AYLA: Ahora seca esas lágrimas porque esa carita linda no combina llorando de tristeza. Vamos a comer que estoy muerta de hambre
REBECA: ¿Muerta?
AYLA: Ah, expresión brasileña
REBECA: Entonces vamos porque yo también estoy "muerta" (reímos y bajamos)
EN EL COMEDOR
AYLA: ¿Vas a ir a tu casa hoy?
REBECA: No, hasta el próximo fin de semana
AYLA: Bien, mira, ¿quieres dar una vuelta conmigo por la ciudad? Quiero conocer el lugar, hacer unas compras y buscar trabajo.
REBECA: ¿Quieres un trabajo?
AYLA: Mucho
REBECA: El socio de mi jefe está necesitando una niñera, ¿te interesa?
AYLA: Claro, amo a los niños (habló emocionada)
REBECA: Bien, voy a intentar hablarle de ti al señor Park. Solo llevo un mes contratada así que no tengo mucha cercanía con él, pero lo voy a intentar.

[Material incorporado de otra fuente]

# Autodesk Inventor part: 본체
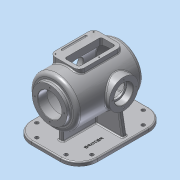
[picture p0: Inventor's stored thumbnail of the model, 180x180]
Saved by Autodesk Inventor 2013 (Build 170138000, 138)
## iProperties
Created: 2016-02
Part Number: 본체
Material: 알루미늄 6061
Document SubType Name: Modeling
Designer: mduedu
Density: 2.71 g/cm^3
Mass: 4129.67 g
Surface Area: 2907.51 cm^2
Volume: 1523.86 cm^3
Author: mduedu
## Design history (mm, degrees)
sketch "스케치2"
  geometry: L1 (0, 100)-(0, -100); L2 (65, -75.993)-(65, 100); L3 (65, 100)-(0, 100); A1 r 100 centre (0, 0) between (0, -100) and (65, -75.993); 2 further points
  constraints: 6 end point, 2 midpoint, 2 point on circle, 1 centre point, 1 coincident, 1 horizontal, 1 parallel, 1 vertical
  dimensions: "d3" = 200 distance of L1.start L1.end; "d5" = 130 diameter of L2 L1; "d6" = 100 radius of A1
revolve "회전1" sketch "스케치2" stored, may be unused: angle "d7" = 90 deg
sketch "스케치3"
  geometry: C1 r 47.5 at (0, 0); 1 further point
  constraints: 1 centre point, 1 coincident
  dimensions: "d8" = 95 diameter of C1
extrude "돌출2" join sketch "스케치3" distance "d10" = 10; taper "d11" = 0 deg
sketch "스케치5"
  geometry: L1 (47.5, 110)-(47.5, 100) reference; L2 (47.5, 100)-(65, 100) reference; L3 (65, 100)-(65, -75.993) reference; L4 (-65, -75.993)-(-65, 100) reference; L5 (-65, 100)-(-47.5, 100) reference; L6 (-47.5, 100)-(-47.5, 110) reference; L7 (-47.5, 110)-(47.5, 110) reference; L8 (55, 85)-(55, -71.239); L9 (0, 85)-(55, 85); L10 (0, 85)-(0, -90); A1 r 100 centre (0, 0) between (0, -100) and (65, -75.993) reference; A2 r 100 centre (0, 0) between (-65, -75.993) and (0, -100) reference; A3 r 90 centre (0, 0) between (0, -90) and (55, -71.239); 1 further point
  constraints: 6 end point, 2 point on circle, 1 centre point, 1 parallel, 1 perpendicular, 1 point on line, 1 vertical
  dimensions: "d13" = 10 distance between parallel lines of L3 L8; "d14" = 10 radial gap between concentric circles of A3 A1; "d15" = 15 distance between parallel lines of L9 L2
revolve "회전2" sketch "스케치5" stored, may be unused: angle "d16" = 90 deg
hole "구멍1" diameter "d19" = 65; stored, may be unused: countersink angle "d23" = 90 deg, drill point angle "d25" = 118 deg; dims "d17" = 10, "d18" = 10, "d20" = 6, "d21" = 4, "d22" = 2, "d24" = 8
node "작업 평면1"
sketch "스케치6"
  geometry: L1 (47.5, 110)-(-47.5, 110) reference; C1 r 40 at (0, -17); 1 further point
  constraints: 1 centre point, 1 vertical alignment
  dimensions: "d27" = 80 diameter of C1; "d29" = 127 distance from line of C1.centre L1
extrude "돌출3" join sketch "스케치6" stored distance "d30" = 10; taper "d31" = 0 deg
hole "구멍2" diameter "d34" = 42; stored, may be unused: countersink angle "d38" = 90 deg, drill point angle "d40" = 118 deg; dims "d32" = 10, "d33" = 10, "d35" = 6, "d36" = 52, "d37" = 18, "d39" = 8
sketch "스케치7" dims "d41" = 65
  geometry: C1 r 40 at (0, 0) reference; 3 further points
  constraints: 2 vertical alignment, 1 coincident, 2 other
hole "구멍3" sketch "스케치7" at (0, 32.5) diameter "d43" = 3.242; stored, may be unused: countersink angle "d47" = 90 deg, drill point angle "d49" = 118 deg; dims "d44" = 11, "d45" = 13, "d46" = 18, "d48" = 13
sketch "스케치8" dims "d53" = 80
  geometry: 3 further points
  constraints: 2 vertical alignment, 1 coincident, 2 other
hole "구멍4" sketch "스케치8" at (0, 40) diameter "d56" = 3.242; stored, may be unused: countersink angle "d60" = 90 deg, drill point angle "d62" = 118 deg; dims "d57" = 11, "d58" = 13, "d59" = 18, "d61" = 13
fillet "모깎기1" dims "d66" = 10
fillet "모깎기2" dims "d67" = 3
fillet "모깎기3" dims "d68" = 0.3
chamfer "모따기1" distance "d69" = 1; stored, may be unused: second distance "d70" = 2, angle "d71" = 45 deg
node "작업 평면5"
sketch "스케치23"
  geometry: L1 (6, 80)-(-6, 80); L2 (-6, 80)-(-6, -60); L3 (-6, -60)-(6, -60); L4 (6, -60)-(6, 80); L5 (-55, 100)-(55, 100) reference; 2 further points
  constraints: 8 end point, 2 parallel, 1 horizontal, 1 midpoint, 1 perpendicular, 1 vertical alignment
  dimensions: "d177" = 12 distance of L1.start L1.end; "d179" = 140 distance of L3.end L1.start; "d180" = 20 distance between parallel lines of L1 L5
extrude "돌출14" join sketch "스케치23" stored distance "d181" = 10; taper "d182" = 0 deg
node "작업 평면6"
sketch "스케치15"
  geometry: L1 (-30, 60)-(50, 60); L2 (50, 60)-(50, -60); L3 (50, -60)-(-30, -60); L4 (-30, -60)-(-30, 60); 3 further points
  constraints: 8 end point, 2 parallel, 1 horizontal, 1 horizontal alignment, 1 midpoint, 1 perpendicular, 1 vertical alignment
  dimensions: "d110" = 80 distance of L2.end L3.end; "d112" = 60 distance from line of L3 point (10, 0); "d113" = 120 distance of L1.end L2.end; "d149" = 30 distance from line of L4 point (0, 0)
extrude "돌출8" join sketch "스케치15" stored distance "d114" = 10; taper "d115" = 0 deg
fillet "모깎기7" dims "d116" = 15
sketch "스케치16"
  geometry: L1 (-30, -45)-(-30, 45) reference; L2 (-15, 60)-(35, 60) reference; L3 (35, -60)-(-15, -60) reference; L4 (-20, -45)-(-20, 45); L5 (-15, 50)-(15, 50); L6 (20, 45)-(20, -45); L7 (15, -50)-(-15, -50); L8 (50, 45)-(50, -45) reference; A1 r 15 centre (-15, -45) between (-30, -45) and (-15, -60) reference; A2 r 15 centre (-15, 45) between (-15, 60) and (-30, 45) reference; A3 r 5 centre (-15, -45) between (-20, -45) and (-15, -50); A4 r 5 centre (-15, 45) between (-15, 50) and (-20, 45); A5 r 5 centre (15, 45) between (20, 45) and (15, 50); A6 r 5 centre (15, -45) between (15, -50) and (20, -45); A7 r 15 centre (35, 45) between (50, 45) and (35, 60) reference; A8 r 15 centre (35, -45) between (35, -60) and (50, -45) reference
  constraints: 8 end point, 8 point on circle, 4 centre point, 2 equal radius, 3 other
  dimensions: "d137" = 10 distance between parallel lines of L4 L1; "d150" = 40 distance between parallel lines of L6 L4; "d151" = 100 distance between parallel lines of L7 L5
extrude "돌출9" cut sketch "스케치16" stored distance "d118" = 10; taper "d119" = 0 deg
fillet "모깎기8" dims "d120" = 3
sketch "스케치17"
  geometry: L1 (-30, -45)-(-30, 45) reference; L2 (-20, 45)-(-20, -45) reference; L3 (-15, -50)-(15, -50) reference; L4 (20, -45)-(20, 45) reference; L5 (15, 50)-(-15, 50) reference; L6 (-15, 60)-(35, 60) reference; L7 (35, -60)-(-15, -60) reference; L8 (15, 55)-(-15, 55); L9 (-25, 45)-(-25, -45); L10 (-15, -55)-(15, -55); L11 (25, -45)-(25, 45); L12 (50, 45)-(50, -45) reference; L13 (35, 55)-(-15, 55); L14 (-25, 45)-(-25, -45); L15 (-15, -55)-(35, -55); L16 (45, -45)-(45, 45); A1 r 5 centre (-15, 45) between (-15, 50) and (-20, 45) reference; A2 r 5 centre (-15, -45) between (-20, -45) and (-15, -50) reference; A3 r 5 centre (15, -45) between (15, -50) and (20, -45) reference; A4 r 5 centre (15, 45) between (20, 45) and (15, 50) reference; A5 r 15 centre (-15, 45) between (-15, 60) and (-30, 45) reference; A6 r 15 centre (-15, -45) between (-30, -45) and (-15, -60) reference; A7 r 10 centre (-15, 45) between (-15, 55) and (-25, 45); A8 r 10 centre (-15, -45) between (-25, -45) and (-15, -55); A9 r 10 centre (15, -45) between (15, -55) and (25, -45); A10 r 10 centre (15, 45) between (25, 45) and (15, 55); A11 r 15 centre (35, 45) between (50, 45) and (35, 60) reference; A12 r 15 centre (35, -45) between (35, -60) and (50, -45) reference; A13 r 10 centre (-15, 45) between (-15, 55) and (-25, 45); A14 r 10 centre (-15, -45) between (-25, -45) and (-15, -55); A15 r 10 centre (35, -45) between (35, -55) and (45, -45); A16 r 10 centre (35, 45) between (45, 45) and (35, 55); 6 further points
  constraints: 18 point on circle, 16 end point, 8 centre point, 4 midpoint, 4 tangent, 11 other
  dimensions: "d138" = 5 distance between parallel lines of L8 L6; "d157" = 5 distance between parallel lines of L12 L16
hole "구멍5" sketch "스케치17" at (-25, 0), (42.071, 52.071), (42.071, -52.071) diameter "d122" = 3.242; stored, may be unused: countersink angle "d126" = 90 deg, drill point angle "d128" = 118 deg; dims "d123" = 9, "d124" = 13, "d125" = 18, "d127" = 11
sketch "스케치19"
  geometry: L1 (-50, 70)-(-35, 70) reference; L2 (-50, 42.603)-(-50, 70) reference; C1 r 2.5 at (-43, 70); 1 further point
  constraints: 1 centre point, 1 point on line
  dimensions: "d152" = 5 diameter of C1; "d153" = 7 distance from line of C1.centre L2
extrude "돌출11" cut sketch "스케치19" stored distance "d154" = 70; taper "d155" = 0 deg
fillet "모깎기11" dims "d156" = 2.5
sketch "스케치20"
  geometry: L1 (-90, 120)-(90, 120); L2 (90, 120)-(90, -120); L3 (90, -120)-(-90, -120); L4 (-90, -120)-(-90, 120); 3 further points
  constraints: 8 end point, 2 parallel, 2 vertical alignment, 1 coincident, 1 horizontal, 1 midpoint, 1 perpendicular
  dimensions: "d162" = 180 distance of L1.start L1.end; "d164" = 240 distance of L1.end L2.end; "d165" = 120 distance from line of L1 point (0, 0)
extrude "돌출12" join sketch "스케치20" distance "d166" = 10; taper "d167" = 0 deg
fillet "모깎기12" dims "d168" = 50
node "작업 평면8"
  node "작업축1"
sketch "스케치24"
  geometry: L1 (128, 34.121)-(127.026, 32.5) reference; L2 (127.026, 32.5)-(128, 30.879) reference; L3 (128, 30.879)-(141, 30.879) reference; L4 (141, 30.879)-(141, 27) reference; L5 (141, 27)-(140, 26) reference; L6 (140, 26)-(123.3, 26) reference; L7 (123, 25.7)-(123, 21) reference; L8 (123, 21)-(116.833, 21) reference; L9 (86, 51.235)-(86, 70) reference; L10 (86, 70)-(106.5, 70) reference; L11 (111.5, 70)-(116, 70) reference; L12 (116, 70)-(116, 42.603) reference; L13 (118.678, 40)-(141, 40) reference; L14 (141, 40)-(141, 34.121) reference; L15 (141, 34.121)-(128, 34.121) reference; L16 (4, -34.121)-(4.974, -32.5) reference; L17 (4.974, -32.5)-(4, -30.879) reference; L18 (4, -30.879)-(-9, -30.879) reference; L19 (-9, -30.879)-(-9, -27) reference; L20 (-9, -27)-(-8, -26) reference; L21 (-8, -26)-(8.7, -26) reference; L22 (9, -25.7)-(9, -21) reference; L23 (9, -21)-(15.167, -21) reference; L24 (116.833, -21)-(123, -21) reference; L25 (123, -21)-(123, -25.7) reference; L26 (123.3, -26)-(140, -26) reference; L27 (140, -26)-(141, -27) reference; L28 (141, -27)-(141, -30.879) reference; L29 (141, -30.879)-(128, -30.879) reference; L30 (128, -30.879)-(127.026, -32.5) reference; L31 (127.026, -32.5)-(128, -34.121) reference; L32 (128, -34.121)-(141, -34.121) reference; L33 (141, -34.121)-(141, -40) reference; L34 (141, -40)-(118.678, -40) reference; L35 (72, -64.722)-(72, -100) reference; L36 (72, -100)-(156, -100) reference; L37 (156, -100)-(156, -110) reference; L38 (156, -110)-(-24, -110) reference; L39 (-24, -110)-(-24, -100) reference; L40 (-24, -100)-(60, -100) reference; L41 (60, -100)-(60, -64.722) reference; L42 (13.322, -40)-(-9, -40) reference; L43 (-9, -40)-(-9, -34.121) reference; L44 (-9, -34.121)-(4, -34.121) reference; L45 (4.974, 32.5)-(4, 34.121) reference; L46 (4, 34.121)-(-9, 34.121) reference; L47 (-9, 34.121)-(-9, 40) reference; L48 (-9, 40)-(13.322, 40) reference; L49 (36, 59.456)-(36, 70) reference; L50 (36, 70)-(46, 70) reference; L51 (46, 70)-(46, 51.235) reference; L52 (15.167, 21)-(9, 21) reference; L53 (9, 21)-(9, 25.7) reference; L54 (8.7, 26)-(-8, 26) reference; L55 (-8, 26)-(-9, 27) reference; L56 (-9, 27)-(-9, 30.879) reference; L57 (-9, 30.879)-(4, 30.879) reference; L58 (4, 30.879)-(4.974, 32.5) reference; L59 (-1, -40)-(-11.58, -100); A1 r 0.3 centre (123.3, 25.7) between (123.3, 26) and (123, 25.7) reference; A2 r 55 centre (66, 0) between (116.833, 21) and (86, 51.235) reference; A3 r 2.5 centre (109, 70) between (106.5, 70) and (111.5, 70) reference; A4 r 3 centre (119, 42.603) between (116, 42.603) and (116.516, 40.92) reference; A5 r 0.3 centre (8.7, -25.7) between (8.7, -26) and (9, -25.7) reference; A6 r 55 centre (66, 0) between (15.167, -21) and (116.833, -21) reference; A7 r 0.3 centre (123.3, -25.7) between (123, -25.7) and (123.3, -26) reference; A8 r 65 centre (66, 0) between (72, -64.722) and (116.354, -41.103) reference; A9 r 65 centre (66, 0) between (15.646, -41.103) and (60, -64.722) reference; A10 r 65 centre (66, 0) between (34.456, 56.833) and (15.646, 41.103) reference; A11 r 3 centre (33, 59.456) between (34.456, 56.833) and (36, 59.456) reference; A12 r 55 centre (66, 0) between (46, 51.235) and (15.167, 21) reference; A13 r 0.3 centre (8.7, 25.7) between (9, 25.7) and (8.7, 26) reference; 1 further point
  constraints: 2 end point, 2 point on line, 4 other
  dimensions: "d184" = 8 distance of L59.start L42.end; "d185" = 100 deg angle of L59 L40
feature "리브2" sketch "스케치24" dims "d186" = 1, "d187" = 12, "d188" = 0, "d189" = 0, "d190" = 1, "d191" = 1
fillet "모깎기15" dims "d192" = 3
fillet "모깎기16" dims "d193" = 3
sketch "스케치25"
  geometry: L1 (90, -70)-(90, 70) reference; L2 (40, 120)-(-40, 120) reference; L3 (-90, 70)-(-90, -70) reference; L4 (-40, -120)-(40, -120) reference; L5 (-74.004, 8)-(-9, 8) reference; L6 (-80.097, 20)-(-80.097, 14) reference; L7 (-9, 26)-(-74.004, 26) reference; L8 (-9, 57)-(-9, 26) reference; L9 (3, 63)-(-3, 63) reference; L10 (9, 26)-(9, 57) reference; L11 (74.004, 26)-(9, 26) reference; L12 (80.097, 14)-(80.097, 20) reference; L13 (9, 8)-(74.004, 8) reference; L14 (9, -77)-(9, 8) reference; L15 (-3, -83)-(3, -83) reference; L16 (-9, 8)-(-9, -77) reference; L17 (-40, 105)-(40, 105); L18 (75, 70)-(75, -70); L19 (40, -105)-(-40, -105); L20 (-75, -70)-(-75, 70); C1 r 5 at (-75, 70); C2 r 5 at (-40, 105); C3 r 5 at (40, 105); C4 r 5 at (75, 70); C5 r 5 at (75, -70); C6 r 5 at (40, -105); C7 r 5 at (-40, -105); C8 r 5 at (-75, -70); A1 r 50 centre (40, 70) between (90, 70) and (40, 120) reference; A2 r 50 centre (-40, 70) between (-40, 120) and (-90, 70) reference; A3 r 50 centre (-40, -70) between (-90, -70) and (-40, -120) reference; A4 r 50 centre (40, -70) between (40, -120) and (90, -70) reference; A5 r 6 centre (-3, 57) between (-3, 63) and (-9, 57) reference; A6 r 6 centre (3, 57) between (9, 57) and (3, 63) reference; A7 r 6 centre (3, -77) between (3, -83) and (9, -77) reference; A8 r 6 centre (-3, -77) between (-9, -77) and (-3, -83) reference; A9 r 35 centre (40, 70) between (75, 70) and (40, 105); A10 r 35 centre (40, -70) between (40, -105) and (75, -70); A11 r 35 centre (-40, -70) between (-75, -70) and (-40, -105); A12 r 35 centre (-40, 70) between (-40, 105) and (-75, 70); 5 further points; 4 other entities
  constraints: 12 centre point, 8 coincident, 8 end point, 8 point on circle, 7 equal radius, 11 other
  dimensions: "d194" = 15 distance between parallel lines of L17 L2; "d195" = 10 diameter of C1
extrude "돌출15" cut sketch "스케치25" stored distance "d197" = 10; taper "d198" = 0 deg
fillet "모깎기14" dims "d170" = 3
sketch "스케치22"
  geometry: L1 (90, -70)-(90, 70) reference; 2 further points
  constraints: 1 other
  dimensions: "d174" = 40 distance from line of L1 point (50, -40); "d199" = 40 vertical distance of point (50, -40) point (0, 0)
feature "엠보싱2" sketch "스케치22" dims "d13" = 10, "d175" = 0.5, "d176" = 0
node "솔리드2"
pattern_circular "원형 패턴1" dims angle "d51" = 360 deg
mirror "대칭1"
pattern_circular "원형 패턴2" dims angle "d64" = 360 deg
mirror "대칭3"
node "투영된 루프2"
node "절단 모서리 투영1"
node "절단 모서리 투영2"
node "절단 모서리 투영3"
node "절단 모서리 투영4"
other parameters: "d26" = 75, "d183" = 0

AYLA: Ah no, entonces olvídalo para que no te metas en problemas
REBECA: Nada, tranquila. El señor Park es relajado, en cambio el señor Bianchi es terrible.
AYLA: ¿Él sería mi jefe?
REBECA: Desafortunadamente si
AYLA: Uy, ya me fregaron (reímos)
REBECA: El lunes llevo tu currículo y se lo entrego
AYLA: Y sea lo que Dios quiera. ¡Muchas gracias! (desayunamos)
EN LA MANSIÓN...
PARK: Hola, guapo (habló entrando)
GIORGIO: ¿Pediste permiso para entrar? (habló tranquilo tomando mi café)
PARK: Yo soy el permiso, mi querido (me siento y tomo café) Tu comida siempre maravillosa, Cris
CRIS: ¡Gracias!
PARK: Cris cocina increíble
GIORGIO: ¿Y a ti no se te escapa ninguna comida gratis, verdad?
PARK: Y tú adoras cuando vengo a comer contigo (sonrió)
GIORGIO: Japonés
PARK: Vete al diablo (reímos)
GIORGIO: Entonces, ¿todo tranquilo?
PARK: Todo en orden, nada diferente. ¿Qué será de nuestro fin de semana?
GIORGIO: Acabo de quedarme viudo y ¿quieres llevarme de fiesta?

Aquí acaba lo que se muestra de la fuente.